- Born: 1874
- Died: 1940 (aged 65–66)
- Other name: Cheves Perky
- Education: Cornell University
- Occupation: Psychologist
- Known for: Perky Effect

= Cheves Perky =

American psychologist

 Mary Cheves West Perky (1874–1940) was an American psychologist and one of the twenty-one female students who studied under Edward B. Titchener at Cornell University. She received a Ph.D. in 1910 for her work on visual, auditory, and olfactory imagery, which was based on the theory from Edward Wheeler Scripture (Scripture, 1896). He stated that imagery and perception were related. Perky clarified this by saying perception can actually influence what a person thinks the image is.

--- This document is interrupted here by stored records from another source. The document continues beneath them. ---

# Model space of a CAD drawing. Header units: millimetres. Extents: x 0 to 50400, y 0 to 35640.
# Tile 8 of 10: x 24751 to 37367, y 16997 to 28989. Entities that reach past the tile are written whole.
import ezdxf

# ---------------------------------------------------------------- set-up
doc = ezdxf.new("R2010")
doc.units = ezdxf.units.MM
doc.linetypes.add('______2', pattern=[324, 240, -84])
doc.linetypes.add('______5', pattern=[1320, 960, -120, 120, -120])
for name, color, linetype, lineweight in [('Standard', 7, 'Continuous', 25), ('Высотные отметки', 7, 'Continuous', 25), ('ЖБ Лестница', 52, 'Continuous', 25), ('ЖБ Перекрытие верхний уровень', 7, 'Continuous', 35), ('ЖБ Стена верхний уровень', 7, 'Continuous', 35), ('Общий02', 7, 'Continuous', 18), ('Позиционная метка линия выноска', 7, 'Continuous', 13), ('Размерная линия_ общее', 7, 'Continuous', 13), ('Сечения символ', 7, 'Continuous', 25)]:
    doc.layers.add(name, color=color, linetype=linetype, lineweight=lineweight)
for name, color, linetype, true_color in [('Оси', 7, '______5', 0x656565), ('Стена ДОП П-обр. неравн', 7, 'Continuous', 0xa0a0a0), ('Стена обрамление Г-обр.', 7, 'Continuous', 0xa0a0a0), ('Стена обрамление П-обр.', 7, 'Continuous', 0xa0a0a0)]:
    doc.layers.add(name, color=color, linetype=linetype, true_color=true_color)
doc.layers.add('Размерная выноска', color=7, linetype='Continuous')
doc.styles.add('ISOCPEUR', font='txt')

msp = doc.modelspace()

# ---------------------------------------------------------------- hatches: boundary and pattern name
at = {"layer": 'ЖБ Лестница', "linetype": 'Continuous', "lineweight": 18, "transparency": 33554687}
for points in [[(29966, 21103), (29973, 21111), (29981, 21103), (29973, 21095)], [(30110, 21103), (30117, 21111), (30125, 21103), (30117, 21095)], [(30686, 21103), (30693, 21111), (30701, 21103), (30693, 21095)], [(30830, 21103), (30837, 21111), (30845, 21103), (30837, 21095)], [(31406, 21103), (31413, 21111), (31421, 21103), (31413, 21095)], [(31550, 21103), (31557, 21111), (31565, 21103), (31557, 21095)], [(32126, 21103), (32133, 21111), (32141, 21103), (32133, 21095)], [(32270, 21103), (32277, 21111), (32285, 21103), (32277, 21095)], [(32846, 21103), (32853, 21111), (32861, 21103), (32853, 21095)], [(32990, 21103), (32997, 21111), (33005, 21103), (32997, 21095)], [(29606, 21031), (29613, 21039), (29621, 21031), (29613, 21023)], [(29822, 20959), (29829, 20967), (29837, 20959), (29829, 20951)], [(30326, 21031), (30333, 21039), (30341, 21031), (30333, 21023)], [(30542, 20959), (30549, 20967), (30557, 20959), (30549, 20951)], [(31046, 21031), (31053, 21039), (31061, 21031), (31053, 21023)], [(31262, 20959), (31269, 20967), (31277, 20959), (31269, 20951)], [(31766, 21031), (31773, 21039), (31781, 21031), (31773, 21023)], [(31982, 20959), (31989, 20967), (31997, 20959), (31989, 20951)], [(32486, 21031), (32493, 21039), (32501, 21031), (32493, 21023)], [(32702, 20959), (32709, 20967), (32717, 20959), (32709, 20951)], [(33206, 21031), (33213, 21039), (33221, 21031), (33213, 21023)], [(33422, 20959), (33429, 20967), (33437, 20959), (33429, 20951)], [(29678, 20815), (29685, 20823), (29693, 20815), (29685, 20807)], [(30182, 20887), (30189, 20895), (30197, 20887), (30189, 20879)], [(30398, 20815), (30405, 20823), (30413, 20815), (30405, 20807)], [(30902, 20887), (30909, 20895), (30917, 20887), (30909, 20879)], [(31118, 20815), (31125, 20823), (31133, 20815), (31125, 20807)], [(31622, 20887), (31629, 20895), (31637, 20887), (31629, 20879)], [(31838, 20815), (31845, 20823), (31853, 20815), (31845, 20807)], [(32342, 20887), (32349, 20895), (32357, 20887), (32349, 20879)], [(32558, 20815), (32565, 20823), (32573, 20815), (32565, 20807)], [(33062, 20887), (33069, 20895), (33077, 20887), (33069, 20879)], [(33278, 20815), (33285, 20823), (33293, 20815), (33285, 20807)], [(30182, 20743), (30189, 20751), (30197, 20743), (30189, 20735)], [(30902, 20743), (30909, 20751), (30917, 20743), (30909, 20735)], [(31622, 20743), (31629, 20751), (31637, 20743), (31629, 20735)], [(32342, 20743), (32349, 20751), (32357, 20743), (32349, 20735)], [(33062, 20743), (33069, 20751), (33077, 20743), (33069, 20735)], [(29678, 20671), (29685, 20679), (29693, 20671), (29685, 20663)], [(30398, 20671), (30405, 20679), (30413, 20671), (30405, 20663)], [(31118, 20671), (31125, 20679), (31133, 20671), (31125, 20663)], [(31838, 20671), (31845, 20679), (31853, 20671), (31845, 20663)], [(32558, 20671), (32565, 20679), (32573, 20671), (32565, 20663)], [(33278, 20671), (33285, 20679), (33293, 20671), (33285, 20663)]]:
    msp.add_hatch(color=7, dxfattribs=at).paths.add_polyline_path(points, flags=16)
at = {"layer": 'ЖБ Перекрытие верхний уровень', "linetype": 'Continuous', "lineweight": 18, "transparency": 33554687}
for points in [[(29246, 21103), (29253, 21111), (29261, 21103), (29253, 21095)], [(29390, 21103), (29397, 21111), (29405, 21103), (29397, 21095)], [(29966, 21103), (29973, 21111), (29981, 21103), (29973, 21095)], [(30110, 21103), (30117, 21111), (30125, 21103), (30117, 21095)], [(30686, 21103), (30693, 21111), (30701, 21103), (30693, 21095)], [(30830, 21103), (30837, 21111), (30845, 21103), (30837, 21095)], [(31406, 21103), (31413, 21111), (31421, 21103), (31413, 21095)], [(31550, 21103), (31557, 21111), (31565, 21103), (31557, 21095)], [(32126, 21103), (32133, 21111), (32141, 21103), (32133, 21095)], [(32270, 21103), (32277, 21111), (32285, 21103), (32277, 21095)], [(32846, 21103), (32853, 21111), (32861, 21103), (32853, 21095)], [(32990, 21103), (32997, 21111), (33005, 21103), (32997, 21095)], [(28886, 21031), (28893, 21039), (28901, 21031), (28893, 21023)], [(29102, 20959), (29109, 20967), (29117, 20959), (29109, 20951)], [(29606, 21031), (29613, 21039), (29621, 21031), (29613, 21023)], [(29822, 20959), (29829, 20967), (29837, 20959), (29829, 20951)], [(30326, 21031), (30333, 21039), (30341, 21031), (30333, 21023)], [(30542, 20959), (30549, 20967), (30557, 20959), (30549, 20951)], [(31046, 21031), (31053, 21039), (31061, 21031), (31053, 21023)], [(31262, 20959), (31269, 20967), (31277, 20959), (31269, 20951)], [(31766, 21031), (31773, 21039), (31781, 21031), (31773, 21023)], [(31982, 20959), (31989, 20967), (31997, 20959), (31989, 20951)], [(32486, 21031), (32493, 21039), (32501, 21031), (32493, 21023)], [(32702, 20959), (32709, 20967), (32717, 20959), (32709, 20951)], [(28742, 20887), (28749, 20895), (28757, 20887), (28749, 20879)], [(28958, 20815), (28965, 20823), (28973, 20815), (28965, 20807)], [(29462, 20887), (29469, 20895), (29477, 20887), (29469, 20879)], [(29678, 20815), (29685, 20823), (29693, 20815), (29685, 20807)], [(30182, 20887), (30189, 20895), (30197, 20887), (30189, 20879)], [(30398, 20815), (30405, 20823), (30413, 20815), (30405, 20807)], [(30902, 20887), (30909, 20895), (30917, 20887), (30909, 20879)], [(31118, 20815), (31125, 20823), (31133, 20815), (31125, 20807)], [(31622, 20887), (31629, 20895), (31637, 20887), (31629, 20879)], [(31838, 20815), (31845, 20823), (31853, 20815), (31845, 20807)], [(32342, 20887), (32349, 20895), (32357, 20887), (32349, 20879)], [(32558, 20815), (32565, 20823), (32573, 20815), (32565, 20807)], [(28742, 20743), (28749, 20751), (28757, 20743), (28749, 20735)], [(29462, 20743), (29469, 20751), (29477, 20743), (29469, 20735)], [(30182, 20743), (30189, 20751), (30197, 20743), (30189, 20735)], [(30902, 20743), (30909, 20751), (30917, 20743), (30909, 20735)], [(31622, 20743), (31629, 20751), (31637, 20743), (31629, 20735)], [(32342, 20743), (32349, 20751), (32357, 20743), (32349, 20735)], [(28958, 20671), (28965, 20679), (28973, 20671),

Her findings continued to inform imagery research into the 21st century; a 2012 article in The American Journal of Psychology reviewed her contribution. According to her findings, perception is not merely a representation of the external world, but is also influenced by thoughts, expectations, and mental images. In the same year, she performed the "Banana Experiment," which demonstrated how perception and visual imagery could be confused; a phenomenon known as the Perky Effect. She concluded that mental imagery is not merely a weak form of perception, but it can directly influence sensory perception.

Perky also studied the cooperative movement, a group of organized activities aimed at providing benefits and mutual assistance among its members. Her engagement led her to become the Associate Secretary of the Cooperative League of America.

== Perky effect ==
The experiments performed by Perky in Titchener's lab in 1910 have been influential in the history of psychology and mental imagery research and are still being used today. Perky became important later in helping to explain how mental imagery and perception are related to psychological and neural processes.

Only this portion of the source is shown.